As for me, I stayed up way too late doing some thinking. Our explanation made sense, but it didn’t cover all the facts. The thing was, Aubrey’s attempted seduction had not tempted me at all. I had not been aroused, neither physically nor mentally. It was tempting to blame that on the necklace, but what about before? I had few friends on Long Island, but it wasn’t like I never went out or did anything. I went to some Meetups, or attended events with acquaintances in the city. There were women there, some of whom were very attractive, and yet I never pursued any of them. Never thought about pursuing them.
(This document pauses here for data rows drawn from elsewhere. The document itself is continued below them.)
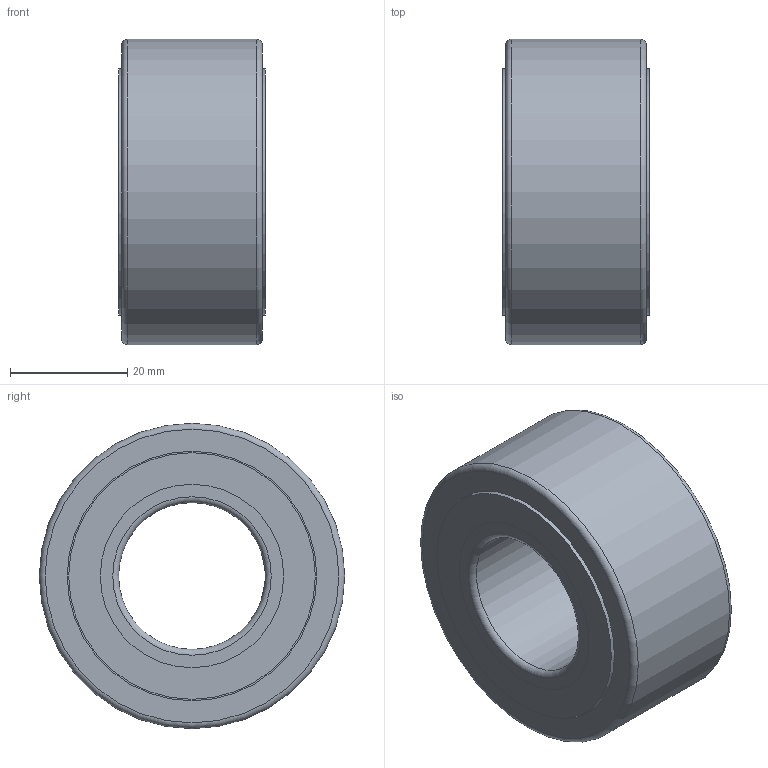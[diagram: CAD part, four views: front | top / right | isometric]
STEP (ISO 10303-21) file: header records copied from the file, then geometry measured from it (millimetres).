
FILE_DESCRIPTION(/* description */ (''),/* implementation_level */ '2;1');
FILE_NAME(/* name */ 'C:\Dokumenty D.R\Ložiská 3D\MODELY\Ihlove loziska\NATV-PP\NATV-PP--\NATV25-PP.stp',/* time_stamp */ '2018-06-05T14:36:41+02:00',/* author */ ('OUREHANEKD'),/* organization */ (''),/* preprocessor_version */ 'ST-DEVELOPER v16.13',/* originating_system */ 'Autodesk Inventor 2018',/* authorisation */ '');
FILE_SCHEMA (('AUTOMOTIVE_DESIGN { 1 0 10303 214 3 1 1 }'));
Length unit declared in the file: millimetre
Products named in the file (6): NATV25-PP; NATV25-PP-01; NATV25-PP-shield; NATV25-PP-NBR; NATV25-PP-needle; NATV25-PP-02
Assembly tree (44 placements, depth 2):
  NATV25-PP
    NATV25-PP-01
    NATV25-PP-shield
    NATV25-PP-NBR
    NATV25-PP-needle  x40
    NATV25-PP-02
Bounding box: 25 x 52 x 52 mm (x, y, z)
Volume: 37404.4 mm3; surface area: 23153.6 mm2
Topology: 46 solids, 46 shells, 161 faces, 185 edges, 122 vertices
Faces by surface type: plane 98, cylinder 59, torus 4
Full cylindrical faces by diameter (mm): 1.728 x40, 2.16 x1, 25 x1, 31.24 x4, 33.64 x1, 37.096 x1, 42 x4, 42.5 x2, 43.92 x4, 52 x1
Entity records: 1499 total; most frequent: DIRECTION 272, CARTESIAN_POINT 248, AXIS2_PLACEMENT_3D 136, EDGE_LOOP 88, ORIENTED_EDGE 88, PRODUCT_DEFINITION_SHAPE 50, ITEM_DEFINED_TRANSFORMATION 44, CONTEXT_DEPENDENT_SHAPE_REPRESENTATION 44
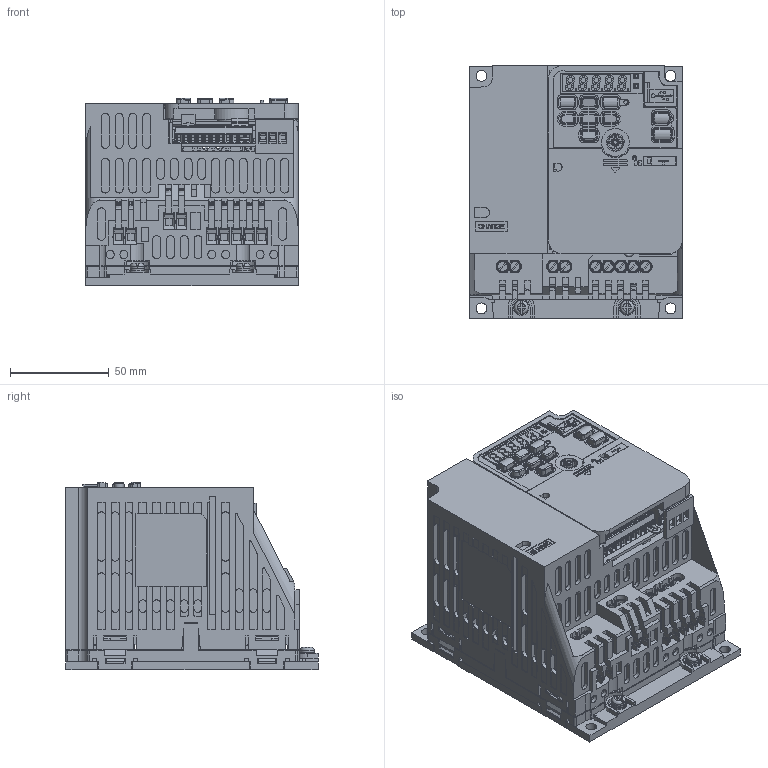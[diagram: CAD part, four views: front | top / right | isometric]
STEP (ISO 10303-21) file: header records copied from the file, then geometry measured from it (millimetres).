
FILE_DESCRIPTION((''),'2;1');
FILE_NAME('CIPR-GA50XB010_AJXX_ASM','2020-11-26T',('ryoji-h'),('YASKAWA ELECTRIC CORCORATION'),'PRO/ENGINEER BY PARAMETRIC TECHNOLOGY CORPORATION, 2017170','PRO/ENGINEER BY PARAMETRIC TECHNOLOGY CORPORATION, 2017170','');
FILE_SCHEMA(('AUTOMOTIVE_DESIGN { 1 0 10303 214 1 1 1 1 }'));
Products named in the file (9): CIPR-GA50XB010AJXX_BODY; CIPR-GA50_ALL_TB; CIPR-GA50_KEYPAD; CIPR-GA50_USB_COVER; CIPR-GA50_COMMON_1; CIPR-GA50_COMMON_2; CIPR-GA50_FP; CIPR-GA50_SCREW_GND_M4X8; CIPR-GA50XB010_AJXX_ASM
Assembly tree (9 placements, depth 2):
  CIPR-GA50XB010_AJXX_ASM
    CIPR-GA50XB010AJXX_BODY
    CIPR-GA50_ALL_TB
    CIPR-GA50_KEYPAD
    CIPR-GA50_USB_COVER
    CIPR-GA50_COMMON_1
    CIPR-GA50_COMMON_2
    CIPR-GA50_FP
    CIPR-GA50_SCREW_GND_M4X8  x2
Bounding box: 108 x 128 x 95.25 mm (x, y, z)
Volume: 852465.3 mm3; surface area: 191911.1 mm2
Topology: 10 solids, 10 shells, 7381 faces, 20415 edges, 13466 vertices
Faces by surface type: plane 5838, cylinder 1396, torus 61, cone 44, bspline 34, sphere 8
Entity records: 288487 total; most frequent: CARTESIAN_POINT 44751, ORIENTED_EDGE 40622, DIRECTION 37897, EDGE_CURVE 20311, VECTOR 16627, LINE 16627, VERTEX_POINT 13404, AXIS2_PLACEMENT_3D 10635

My last relationship was in college and the few months after graduation, before long distance made things fade away. I remember enjoying it, but much of the effort to maintain it had come from her. In fact, that was why she broke up with me, ultimately.

I did enjoy pornography on occasion. I wasn’t entirely asexual. My favorite configuration was a plain old heterosexual couple. It was the act itself that aroused me, that coupling of male and female. But which was I in that fantasy? It was fuzzy and undefined.

No, as much as I wanted to blame the necklace for somehow breaking my sexuality, it was broken long before I found it. My attraction to Darren, my attempts to get his attention and to spend time with him, that was the first time I had truly been interested in a romantic relationship in years.

I did sleep that night, but not long or well. When Aubrey awoke, she found me in the kitchen, sipping coffee, and idly pushing the necklace around my kitchen table. I looked up and told her the truest thing I had ever said.

“Aubrey... I think I might be trans.”